▶ PROMPT: Scan the records below. List lines holding "LIFT".
(ENTRIES SUPPLIED begins)
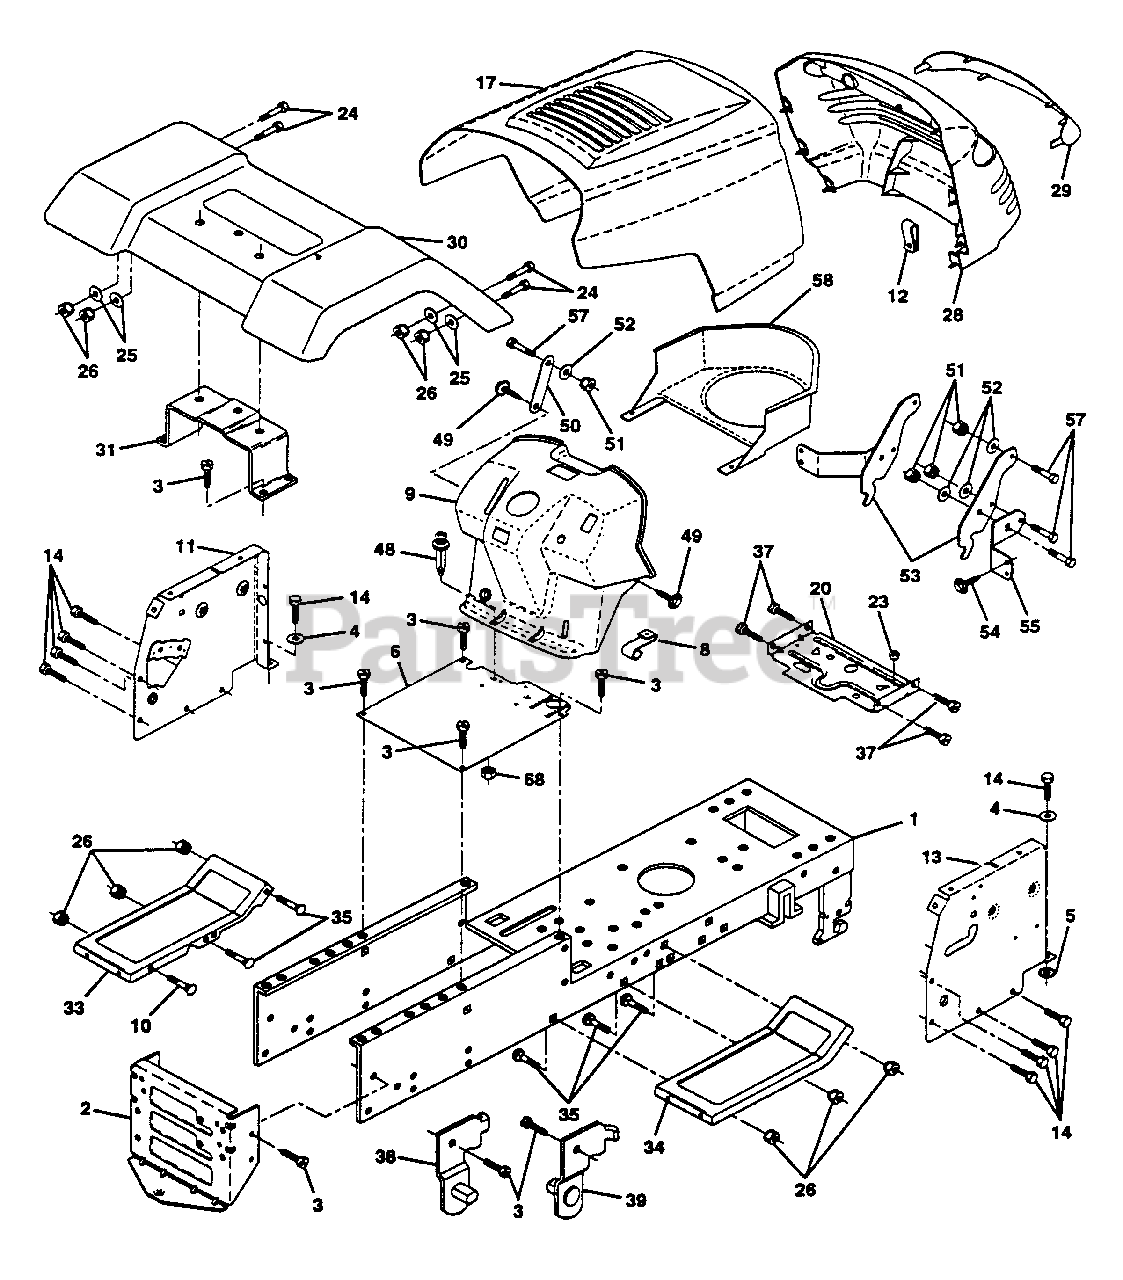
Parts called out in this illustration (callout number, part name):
1	Chassis Weldment 11 ga
2	Drawbar, Stretch
3	Screw Thdrol 3/8-16x3/4 Ty-tt
4	Washer 13/32 x 3/4 x 16 Ga.
5	Washer Lock Ext. Tooth 3/8
6	Saddle LT Fender Shift
8	Clip Insulator.406 Mtg Hole
9	Dash Private Label
10	Bolt Carriage 3/8-16 x 1
11	Panel Pnt Dash Lh
12	Clip Tinnerman Grille PAL
13	Panel Dash Rh Weldment
14	Screw Thdrol 3/8-16x1/2 Ty-tt
17	Hood Paint Steel Private Label
20	Support Battery
24	Bolt Fin Hex 3/8-16unc X 1 Gr. 5
25	Washer 13/32 X 13/16 X 12 Ga
26	Nut Lock Hex W/Ins 3/8-16 Unc
28	Grille Private Label
29	Lens Grille Private Label
30	Fender Pnt
31	Bracket Pnt Fender
33	Footrest Pnt Lh
34	Footrest Pnt Rh
35	Bolt Rdhd Sht Sqnk 3/8-16 X3/4
37	Screw Thdrol 5/16-18 X3/4
38	Bracket, Asm. Pivot, L.H., Mower Rear
39	Bracket, Asm. Pivot, R.H., Mower Rear
48	Rivet Push Plate D Plastick Blk
49	Screw Hexwsh. Thdrol 1/4-20 x 3/4
51	Nut Lock Hex W/Ins 1/4-20
52	Washer 9/32 x 7/8 x 16 Ga.
53	Hinge Pickoff Hood
54	Screw Lock Spider #8 x 7/8
55	Bracket, Grill
57	Bolt Hex 1/4-20 x 3/4
58	Air Duct P/L
68	Nut Keps Hex 1/4-20
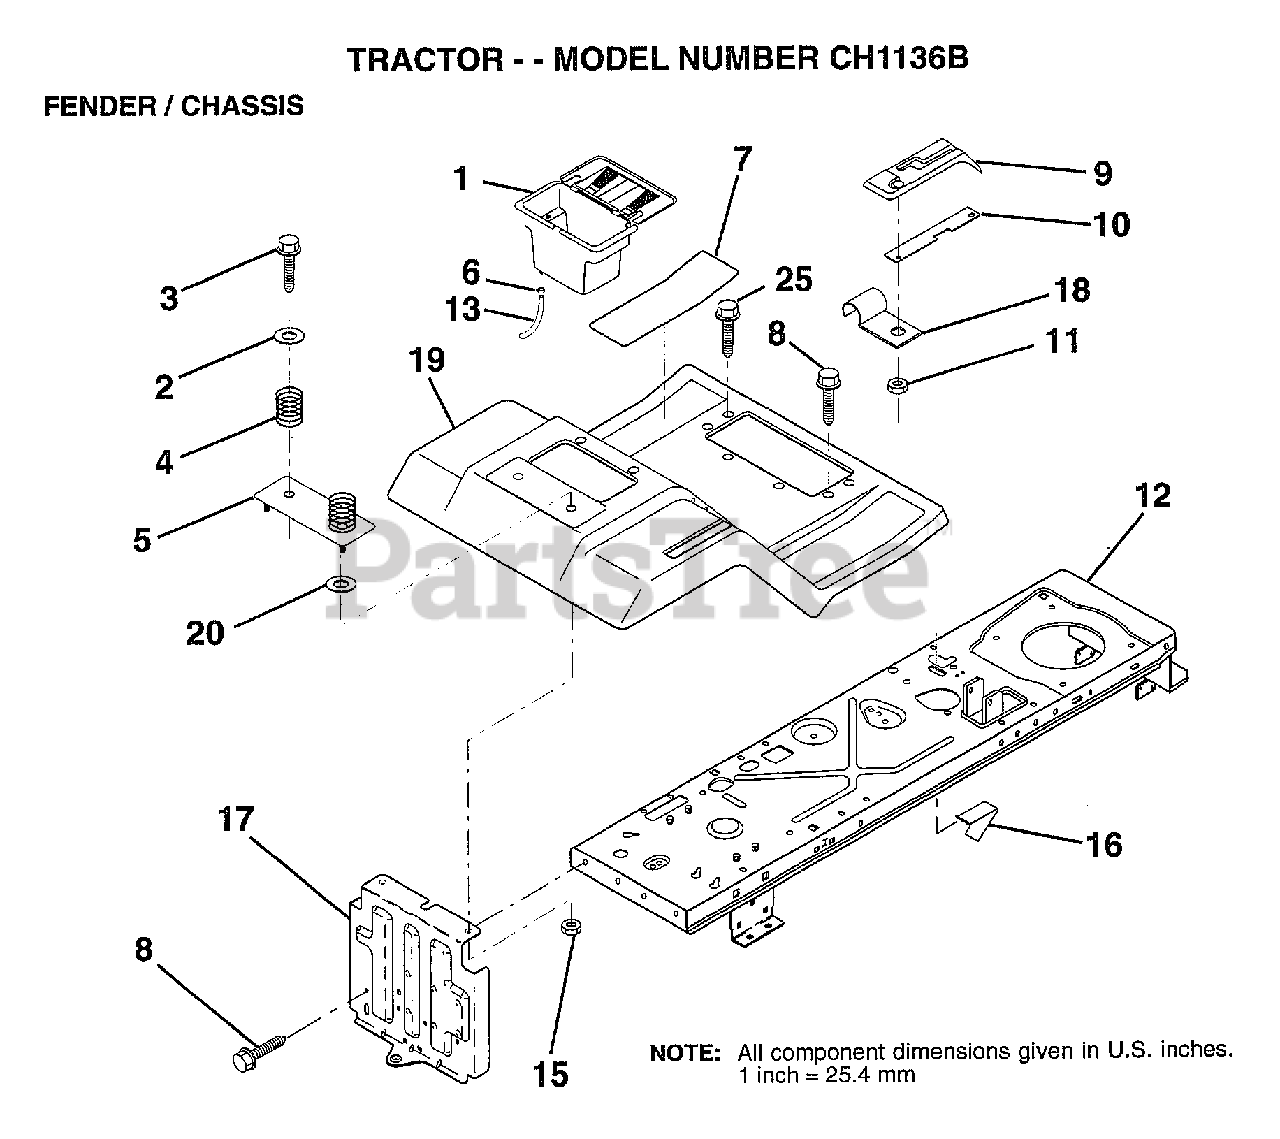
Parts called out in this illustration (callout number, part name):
2	WASHER
3	SCREW
4	SPRING COMPRESSIO
5	PLATE.FENDER.PNT
6	HOSE CLAMP T
7	PAD FOOTREST
8	SCREW
9	CONSOLE SHFT 4SP
10	PLATE LOCK SHIFT
11	NUT
12	CHASSIS.WELD.ASM.
13	TUBE T
14	NUT
15	NUT HXKEP 1/4X20
17	DRAWBAR ASM LR
18	"CLIP,INSULATOR"
19	FENDER/FOOTREST
25	SCREW
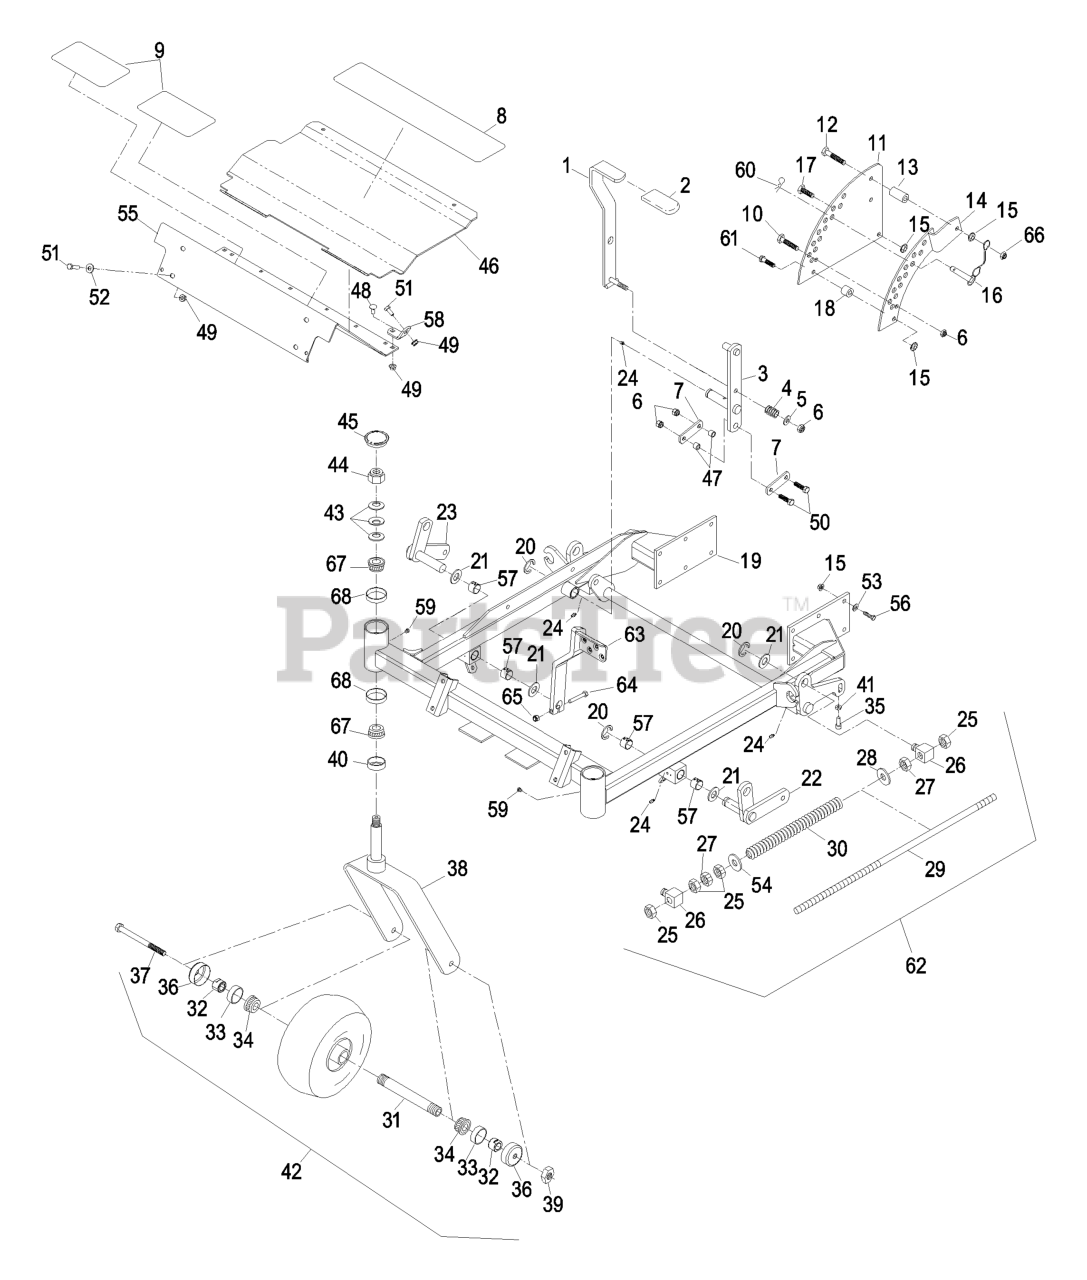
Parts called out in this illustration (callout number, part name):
1	ASM, LIFT LEVER / GRIP
2	GRIP-LEVER, LIFT
3	WLD, DECK LIFT ARM-LHP
4	SPRING-COMPRESSION
5	WASHER-FLAT
6	NUT-LOCK, NI
7	ARM-LIFT, DECK
8	PAD-ANTISKID
9	PAD-ANTI SKID
10	SCREW-HH
11	PLATE-LIFT, DECK
12	SCREW-HH
13	BUSHING-LEVER, LIFT
14	PLATE-LIFT, DECK
15	NUT-HHF, WHIZ
16	PIN-HITCH (W/LANYARD)
17	SCREW-HH
18	BUSHING-LEVER, LIFT
19	KIT, FRONT FRAME-LHP44
20	RING-RETAINING, EXT
21	WASHER-FLAT
22	WLD,SHAFT LH
23	WLD,SHAFT RH
24	FITTING-GREASE
25	NUT-HEX
26	SWIVEL-DECK MOUNT, REAR
27	NUT-JAM
29	ROD-LIFT, DECK
30	SPRING-COMPRESSION
32	SPACER-NUT
33	SEAL-CASTER
34	BEARING-CONE, TAPERED ROLLER
35	SCREW-HSH
36	GUARD-SEAL
37	SCREW-HH
39	NUT-HEX
40	SEAL-GREASE
41	NUT-JAM
43	WASHER-BELLVILLE
44	NUT-LOCK, NI
45	CAP-GREASE
47	BUSHING
48	BOLT-CARR
50	SCREW-HH
51	SCREW-HH
52	WASHER-FLAT
53	WASHER-BELLEVILLE
54	WASHER-FLAT
56	SCREW-HH
57	BUSHING,SPRING
58	BRACKET-FLOORPAN
60	PIN-COTTER
61	SCREW-HH
62	FRONT SPRING ASM
64	SCREW-HH
65	NUTTORQUE ZKPLT
66	NUT-LOCK, NI
67	Cone-Bearing Tapered Roller
68	CUP-BEARING
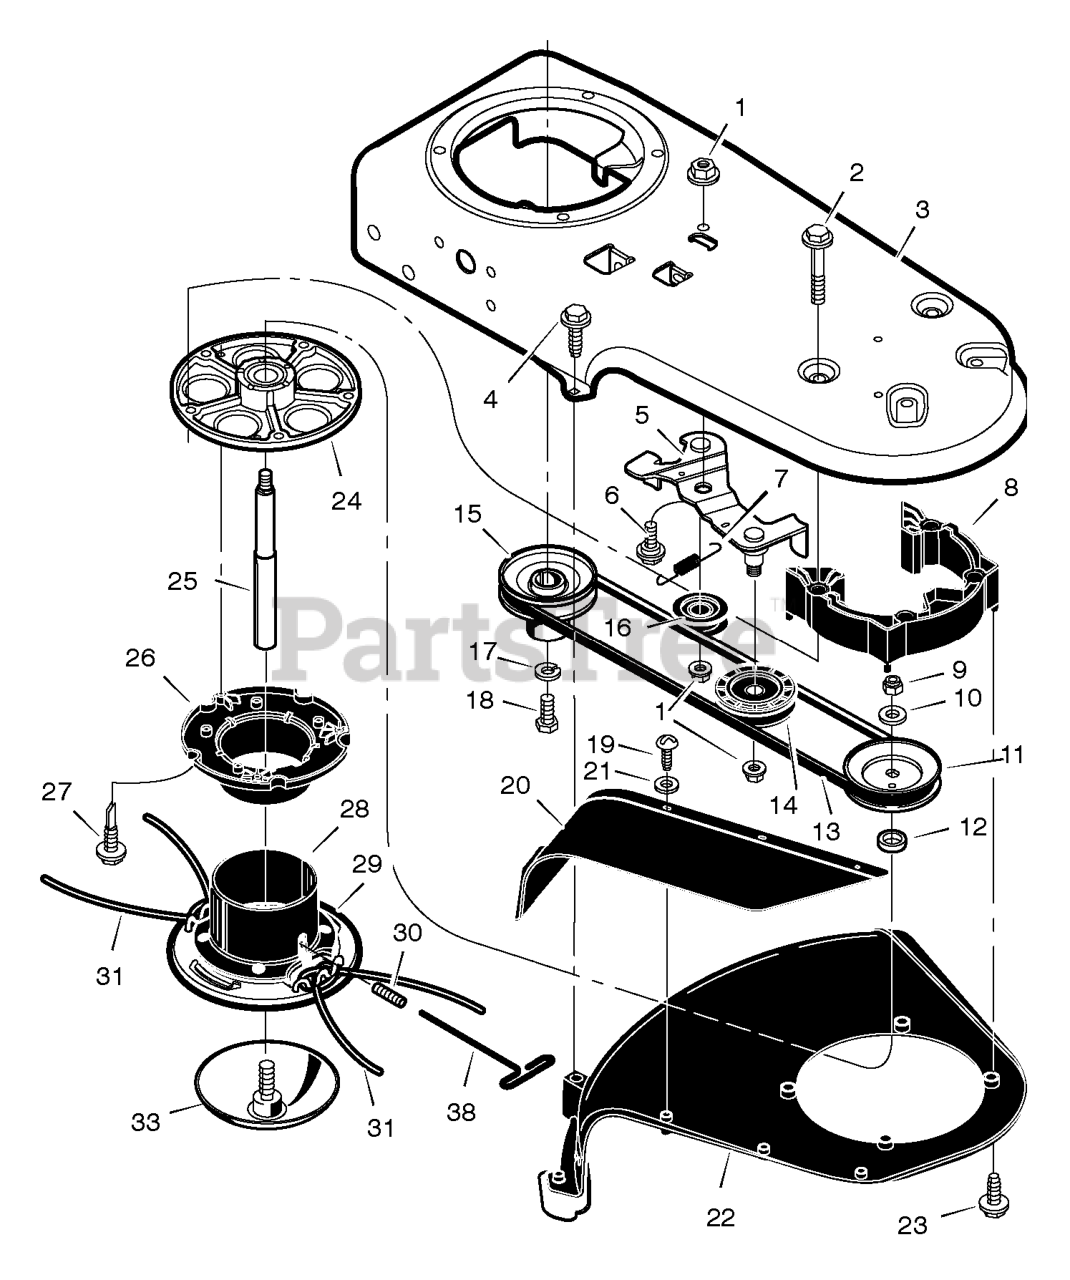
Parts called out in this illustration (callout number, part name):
1	Nut
5	Bracket, Idler Assembly
7	Spring, Extension
8	Spacer Assembly, Jackshaft
10	Washer, Flat
11	Pulley, Cutting Head
12	Spacer, Upper Pulley
13	Belt, Trimmer
14	PULLEY, IDLER, V, 1.88
15	Pulley, Engine
16	Pulley, Idler
17	Lockwasher
20	Flap, Debris
21	WASHER
22	Shield, Trimmer
24	Housing, Jackshaft
25	Shaft, Cutting Head
26	Wrap, Weed -Upper
28	Wrap, Weed -Lower
29	Assembly, Cutter Head & Wrap
30	Screw, Set
31	Line, Trimmer 0.155 X 21.25
33	Guide Assembly, Metal Height
38	Wrench, T-Handle
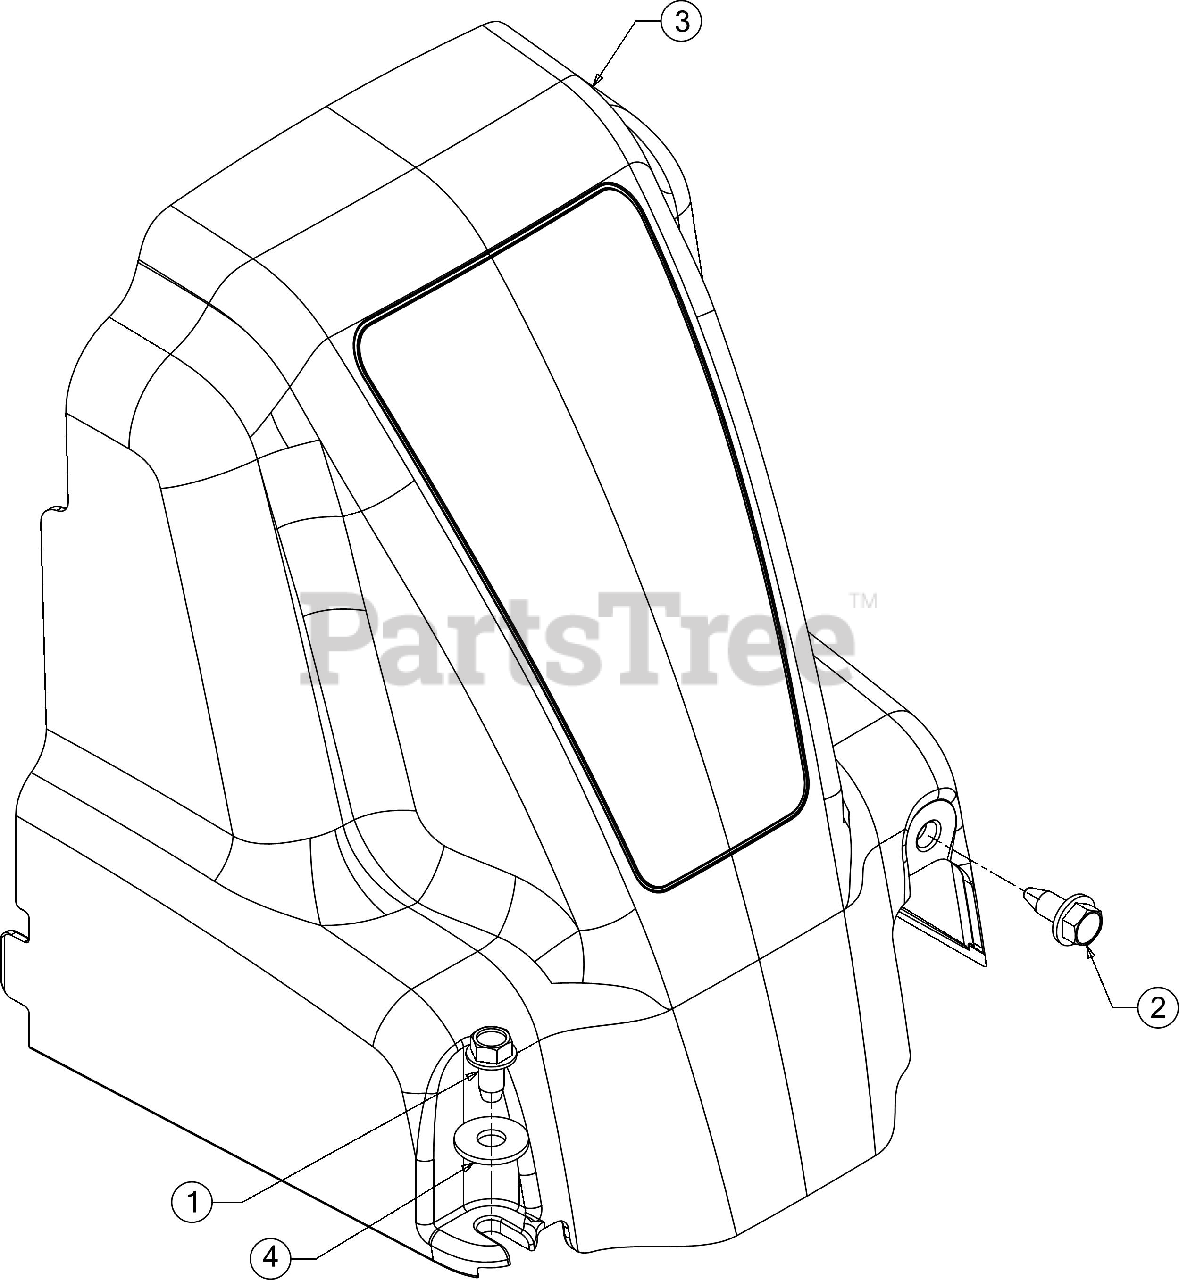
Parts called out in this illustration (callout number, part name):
1	SCREW 1/4-20 X.500
2	SCREW 1/4-14 x .625
3	BELT COVER
4	FLAT WASHER .28 ID x .74 OD x .063
(ENTRIES SUPPLIED ends)
▶ SOLUTION TO THE EXERCISE:
1	ASM, LIFT LEVER / GRIP
2	GRIP-LEVER, LIFT
3	WLD, DECK LIFT ARM-LHP
7	ARM-LIFT, DECK
11	PLATE-LIFT, DECK
13	BUSHING-LEVER, LIFT
14	PLATE-LIFT, DECK
18	BUSHING-LEVER, LIFT
29	ROD-LIFT, DECK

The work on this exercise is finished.